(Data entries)
┏━━
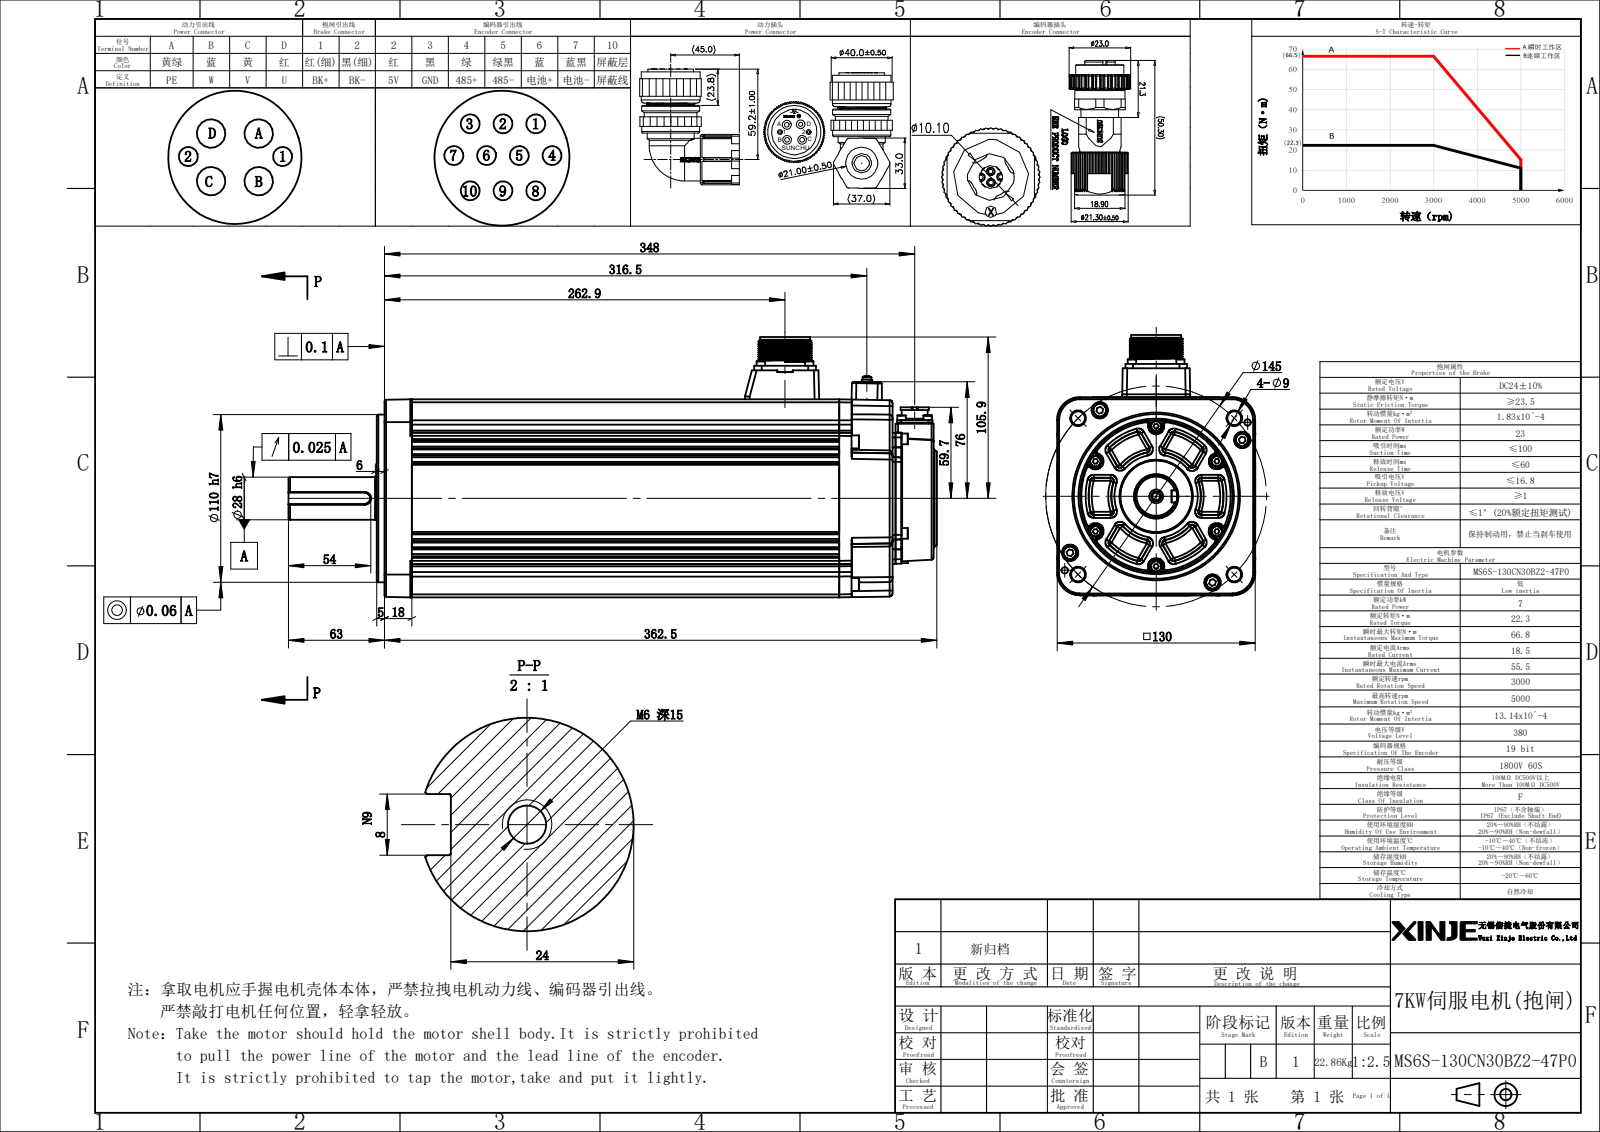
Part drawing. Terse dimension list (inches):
name: MS6S-130CN30BZ2-47P0
written by: SolidWorks 2022 (CONFIG_CONTROL_DESIGN)
unit: in
bodies: 53 solids, 3480 faces (1530 planar, 856 cylindrical, 1094 other)
size: 16.752 × 6.74 × 5.141
volume: 340.8 in³; area: 676.2 in²
holes: 10× ⌀0.04, 8× ⌀0.13, 7× ⌀0.126, 6× ⌀0.165, 4× ⌀0.138, 4× ⌀0.146, 4× ⌀0.157, 4× ⌀0.177, 4× ⌀0.215, 4× ⌀0.228, 3× ⌀0.197, 2× ⌀0.078
bosses: 12× ⌀0.276, 11× ⌀0.118, 10× ⌀0.157, 10× ⌀0.059, 10× ⌀0.03, 9× ⌀0.217, 4× ⌀0.354, 4× ⌀0.335
rounds: 67× R0.039, 44× R0.079, 32× R0.012, 26× R0.157, 20× R0.118, 17× R0.008, 12× R0.098, 8× R0.059
face distances: 5.118, 11.043, 0.079, 0.689, 11.732, 0.709, 0.02, 0.197, 11.752, 1.063
hole spacings: 0.097, 0.165, 0.094, 1.783, 2.461, 2.659, 3.27, 3.8
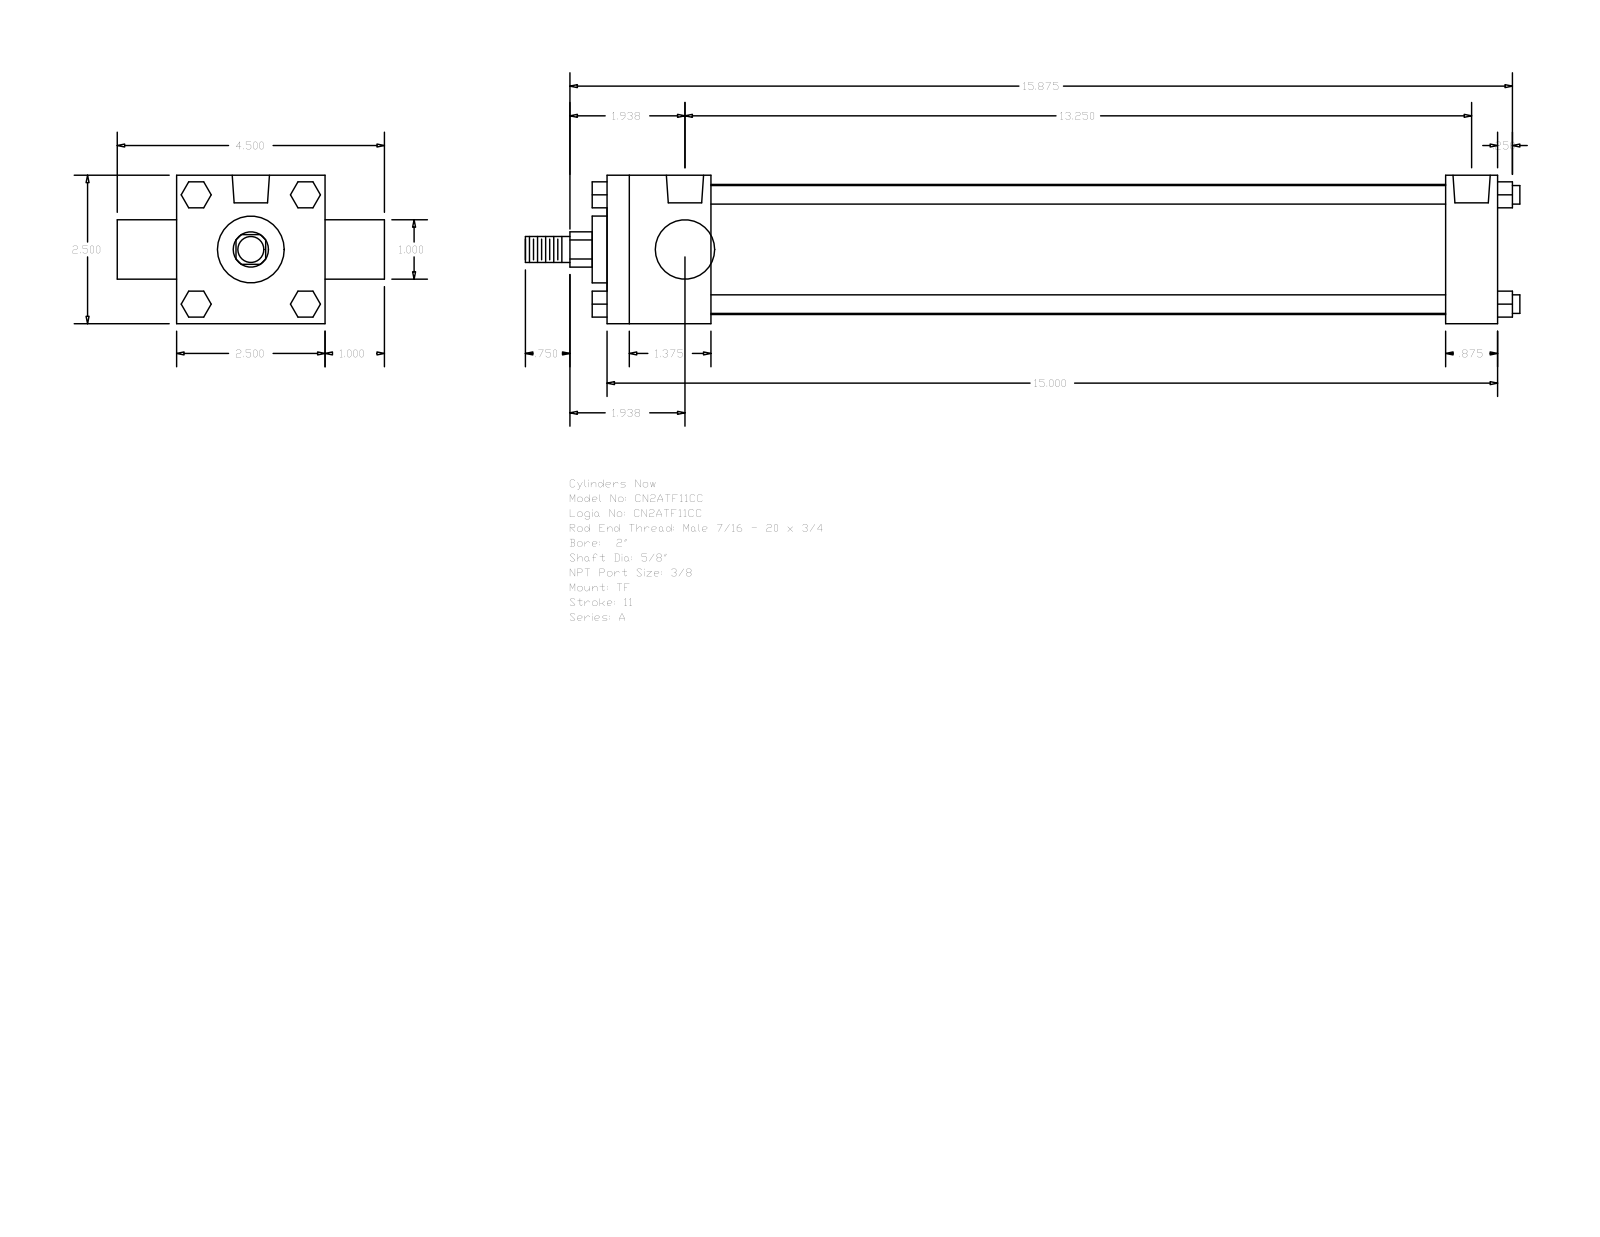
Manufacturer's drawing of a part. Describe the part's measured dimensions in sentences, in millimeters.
The part is named "A_TF__0200_0.625". Its 3-D file was written by "GSSL Pune (CONFIG_CONTROL_DESIGN)". It is 0 solids with 120 faces: 92 planar, 28 cylindrical and 0 other. Overall it measures 425.45 by 114.3 by 63.5 millimeters. Round holes: 3 of diameter 5.56, 2 of diameter 15.93. Round bosses or shafts: 4 of diameter 7.94, 1 of diameter 55.63, 1 of diameter 28.57, 1 of diameter 25.4, 1 of diameter 15.88, 1 of diameter 11.11. Partial cylindrical surfaces (rounded edges, fillets, slot ends): 1 of radius 7.54. The main face-to-face distances are 63.5, 381, 44.45, 358.77, 314.32, 336.55, 22.23, 25.4, 88.9, 6.35. The hole center spacings are 3.97, 3.98, 328.6, 332.57, 332.58, 336.55.
┗━━
#### TRY IT:
Please transcribe every record above exactly as written, leaving out the pictures.

#### PROBLEM SOLUTION:
Part drawing. Terse dimension list (inches):
name: MS6S-130CN30BZ2-47P0
written by: SolidWorks 2022 (CONFIG_CONTROL_DESIGN)
unit: in
bodies: 53 solids, 3480 faces (1530 planar, 856 cylindrical, 1094 other)
size: 16.752 × 6.74 × 5.141
volume: 340.8 in³; area: 676.2 in²
holes: 10× ⌀0.04, 8× ⌀0.13, 7× ⌀0.126, 6× ⌀0.165, 4× ⌀0.138, 4× ⌀0.146, 4× ⌀0.157, 4× ⌀0.177, 4× ⌀0.215, 4× ⌀0.228, 3× ⌀0.197, 2× ⌀0.078
bosses: 12× ⌀0.276, 11× ⌀0.118, 10× ⌀0.157, 10× ⌀0.059, 10× ⌀0.03, 9× ⌀0.217, 4× ⌀0.354, 4× ⌀0.335
rounds: 67× R0.039, 44× R0.079, 32× R0.012, 26× R0.157, 20× R0.118, 17× R0.008, 12× R0.098, 8× R0.059
face distances: 5.118, 11.043, 0.079, 0.689, 11.732, 0.709, 0.02, 0.197, 11.752, 1.063
hole spacings: 0.097, 0.165, 0.094, 1.783, 2.461, 2.659, 3.27, 3.8
Manufacturer's drawing of a part. Describe the part's measured dimensions in sentences, in millimeters.
The part is named "A_TF__0200_0.625". Its 3-D file was written by "GSSL Pune (CONFIG_CONTROL_DESIGN)". It is 0 solids with 120 faces: 92 planar, 28 cylindrical and 0 other. Overall it measures 425.45 by 114.3 by 63.5 millimeters. Round holes: 3 of diameter 5.56, 2 of diameter 15.93. Round bosses or shafts: 4 of diameter 7.94, 1 of diameter 55.63, 1 of diameter 28.57, 1 of diameter 25.4, 1 of diameter 15.88, 1 of diameter 11.11. Partial cylindrical surfaces (rounded edges, fillets, slot ends): 1 of radius 7.54. The main face-to-face distances are 63.5, 381, 44.45, 358.77, 314.32, 336.55, 22.23, 25.4, 88.9, 6.35. The hole center spacings are 3.97, 3.98, 328.6, 332.57, 332.58, 336.55.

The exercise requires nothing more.